Поскольку еда сопряжена с ощутимым процессом телесного преобразования, эта форма рефлексивности часто связана с приемом пищи. Некоторые люди в Авиле шутливо называют съедобных муравьев-листорезов сверчками для людей (руна хихи). Cверчков едят обезьяны, и когда люди едят муравьев – целиком, а иногда даже сырых, вместе с хрустящим экзоскелетом и всем остальным, – они тоже в определенном смысле становятся обезьянами. Еще один пример: многие виды лесных и культурных деревьев, принадлежащие к роду Инга (семейство Бобовые, подсемейство Мимозовые), на языке кечуа называются пакай. Они дают съедобные плоды, которые можно сорвать с дерева и съесть. Мякоть вокруг семян воздушная, белая, водянистая и сладкая. Еще одно бобовое растение, Parkia balslevii, принадлежащее к тому же подсемейству, формой своих плодов на первый взгляд напоминает пакаи. Плоды этого дерева тоже съедобны, но его ветви расположены высоко, и дотянуться до них не так-то легко. Перезрев или начав гнить, плоды падают на землю. Вследствие ферментации их мякоть становится коричневой, приторной и густой, как черная патока с неприятным привкусом. Дерево называется иллахуанга пакай, то есть пакаи для грифа. Грифам гниющая еда кажется сладкой. Когда руна едят пакаи грифов, они принимают точку зрения грифа и наслаждаются гниющими фруктами, будто свежими.

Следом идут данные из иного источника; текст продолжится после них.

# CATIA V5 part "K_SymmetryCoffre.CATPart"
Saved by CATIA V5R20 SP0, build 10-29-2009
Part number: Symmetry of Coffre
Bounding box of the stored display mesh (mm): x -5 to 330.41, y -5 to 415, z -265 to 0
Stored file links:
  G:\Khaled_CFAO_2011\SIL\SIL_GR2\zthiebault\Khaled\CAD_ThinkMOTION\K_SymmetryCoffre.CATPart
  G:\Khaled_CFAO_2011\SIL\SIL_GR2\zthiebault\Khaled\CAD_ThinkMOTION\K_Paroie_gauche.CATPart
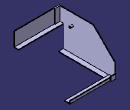
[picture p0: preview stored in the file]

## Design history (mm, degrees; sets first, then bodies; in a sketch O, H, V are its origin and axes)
Body1 (main body)
  Body2 "Corps du corps principal d'origine"
    Solid1: linked copy from another document
  Assemble1: tool Body2
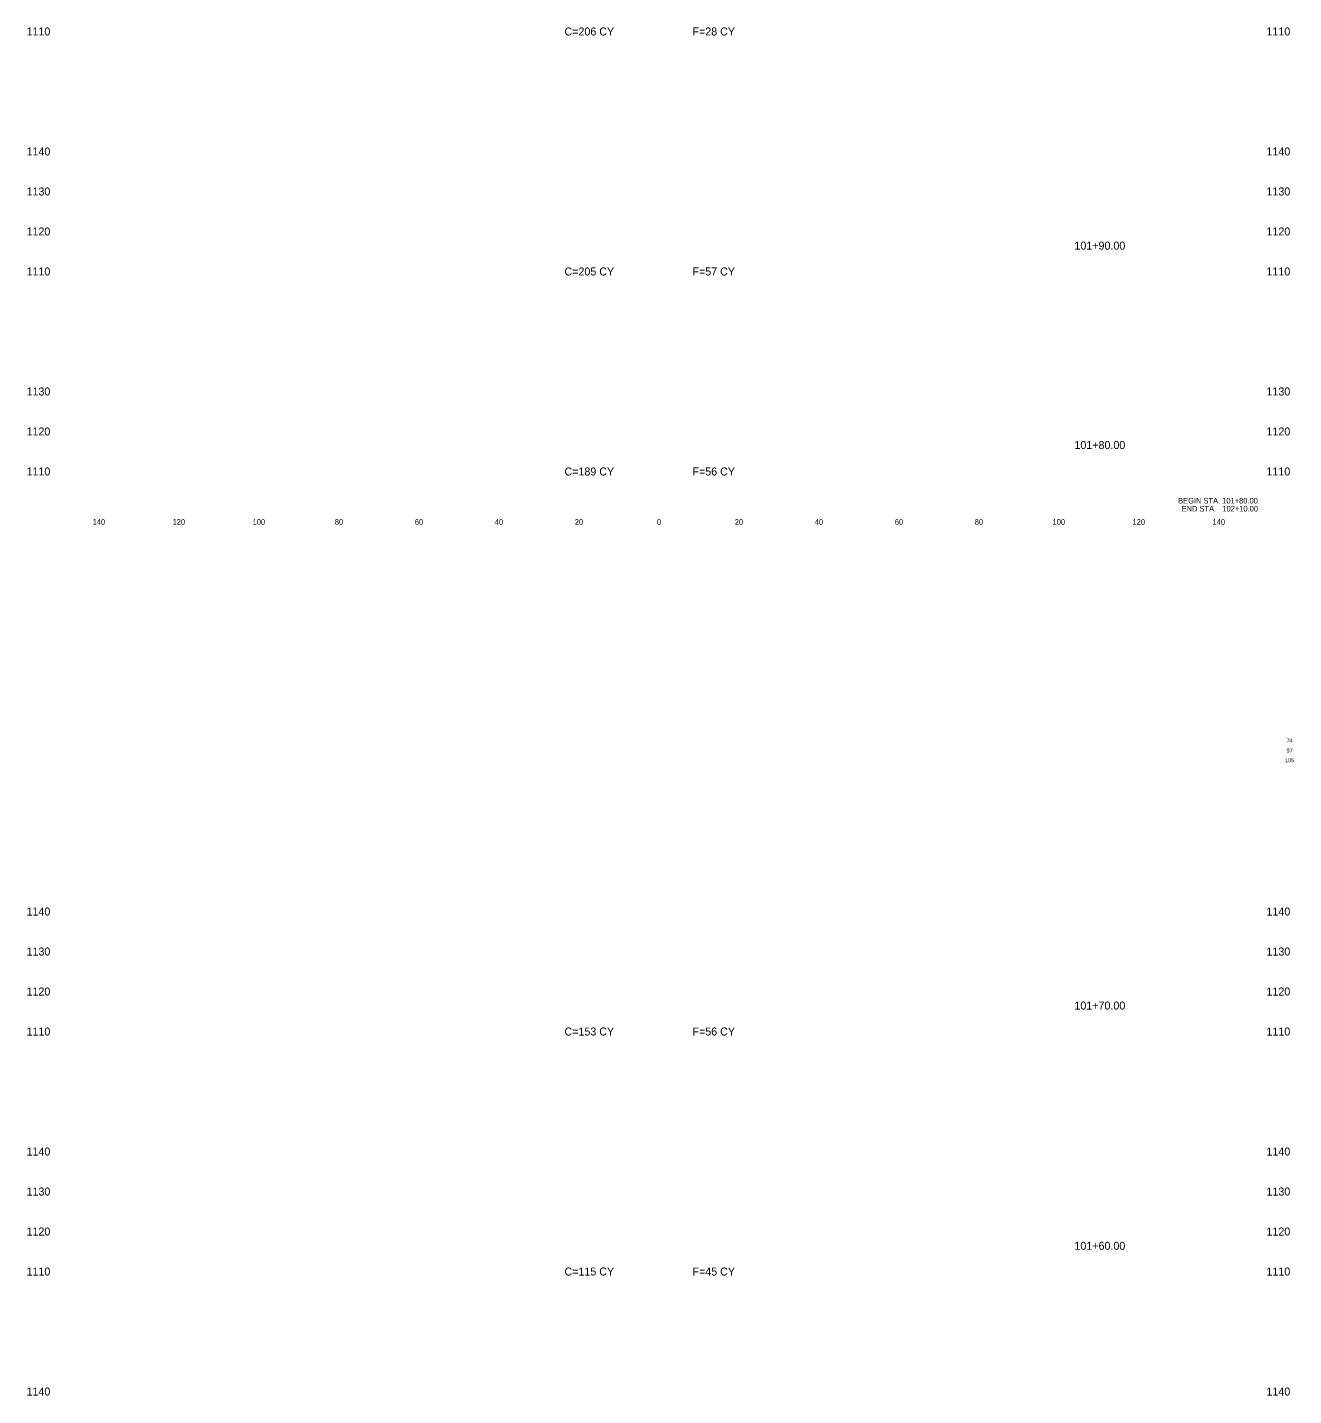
# Model space of a CAD drawing. Extents: x -200 to 1319, y -200 to 2499.
# Drawn here: x 1001.9 to 1318.5, y 1820 to 2162 of the extents above; entities that cross this region are included whole.
import ezdxf

# ---------------------------------------------------------------- set-up
doc = ezdxf.new("R2010")
doc.units = 0
for name, color, linetype in [('Default', 7, 'Continuous'), ('DESIGN - SHEET - Corner Text', 7, 'Continuous'), ('DESIGN - TYPICAL - Text', 7, 'Continuous')]:
    doc.layers.add(name, color=color, linetype=linetype)

msp = doc.modelspace()

# ---------------------------------------------------------------- texts
at = {"layer": 'Default'}
for s, height, p in [('     1110     ', 2, (998.01, 2160)), ('     1110     ', 2, (1308.01, 2160)), ('     1140     ', 2, (998.01, 2130)), ('     1140     ', 2, (1308.01, 2130)), ('     1130     ', 2, (998.01, 2120)), ('     1130     ', 2, (1308.01, 2120)), ('     1120     ', 2, (998.01, 2110)), ('     1120     ', 2, (1308.01, 2110)), ('     101+90.00     ', 2, (1260, 2106.47)), ('     1110     ', 2, (998.01, 2100)), ('     1110     ', 2, (1308.01, 2100)), ('     1130     ', 2, (998.01, 2070)), ('     1130     ', 2, (1308.01, 2070)), ('     1120     ', 2, (998.01, 2060)), ('     1120     ', 2, (1308.01, 2060)), ('     101+80.00     ', 2, (1260, 2056.62)), ('     1110     ', 2, (998.01, 2050)), ('     1110     ', 2, (1308.01, 2050)), ('     140     ', 1.4, (1015.65, 2037.7)), ('     120     ', 1.4, (1035.65, 2037.7)), ('     100     ', 1.4, (1055.65, 2037.7)), ('     80     ', 1.4, (1076.2, 2037.7)), ('     60     ', 1.4, (1096.2, 2037.7)), ('     40     ', 1.4, (1116.2, 2037.7)), ('     20     ', 1.4, (1136.2, 2037.7)), ('     0     ', 1.4, (1156.74, 2037.7)), ('     0     ', 1.4, (1156.74, 2037.7)), ('     20     ', 1.4, (1176.2, 2037.7)), ('     40     ', 1.4, (1196.2, 2037.7)), ('     60     ', 1.4, (1216.2, 2037.7)), ('     80     ', 1.4, (1236.2, 2037.7)), ('     100     ', 1.4, (1255.65, 2037.7)), ('     120     ', 1.4, (1275.65, 2037.7)), ('     140     ', 1.4, (1295.65, 2037.7)), ('     1140     ', 2, (998.01, 1940)), ('     1140     ', 2, (1308.01, 1940)), ('     1130     ', 2, (998.01, 1930)), ('     1130     ', 2, (1308.01, 1930)), ('     1120     ', 2, (998.01, 1920)), ('     1120     ', 2, (1308.01, 1920)), ('     101+70.00     ', 2, (1260, 1916.49)), ('     1110     ', 2, (998.01, 1910)), ('     1110     ', 2, (1308.01, 1910)), ('     1140     ', 2, (998.01, 1880)), ('     1140     ', 2, (1308.01, 1880)), ('     1130     ', 2, (998.01, 1870)), ('     1130     ', 2, (1308.01, 1870)), ('     1120     ', 2, (998.01, 1860)), ('     1120     ', 2, (1308.01, 1860)), ('     101+60.00     ', 2, (1260, 1856.43)), ('     1110     ', 2, (998.01, 1850)), ('     1110     ', 2, (1308.01, 1850)), ('     1140     ', 2, (998.01, 1820)), ('     1140     ', 2, (1308.01, 1820))]:
    msp.add_text(s, height=height, dxfattribs=at).set_placement(p)
at = {"layer": 'DESIGN - SHEET - Corner Text'}
for s, height, p in [('BEGIN STA. 101+80.00', 1.4, (1289.64, 2043)), ('END STA.   102+10.00', 1.4, (1290.51, 2041)), ('74', 1, (1316.76, 1983.25)), ('97', 1, (1316.75, 1980.75)), ('105', 1, (1316.35, 1978.31))]:
    msp.add_text(s, height=height, dxfattribs=at).set_placement(p)
at = {"layer": 'DESIGN - TYPICAL - Text'}
for s, p in [('C=206 CY', (1136.22, 2160)), ('F=28 CY', (1168.22, 2160)), ('C=205 CY', (1136.22, 2100)), ('F=57 CY', (1168.22, 2100)), ('C=189 CY', (1136.22, 2050)), ('F=56 CY', (1168.22, 2050)), ('C=153 CY', (1136.22, 1910)), ('F=56 CY', (1168.22, 1910)), ('C=115 CY', (1136.22, 1850)), ('F=45 CY', (1168.22, 1850))]:
    msp.add_text(s, height=2, dxfattribs=at).set_placement(p)

doc.saveas('drawing.dxf')

Восприятие насекомых в качестве подходящей пищи, а гниющих плодов сладкими – это то, что делают тела других видов. Когда мы едим муравьев, как сверчков, или гниющие пакаи грифов, как нечто сладкое, мы покидаем собственные тела и входим в тела других существ. Таким образом мы видим другой мир с субъективной (я) точки зрения другого варианта осуществления. В эти мгновения мы живем в другой природе.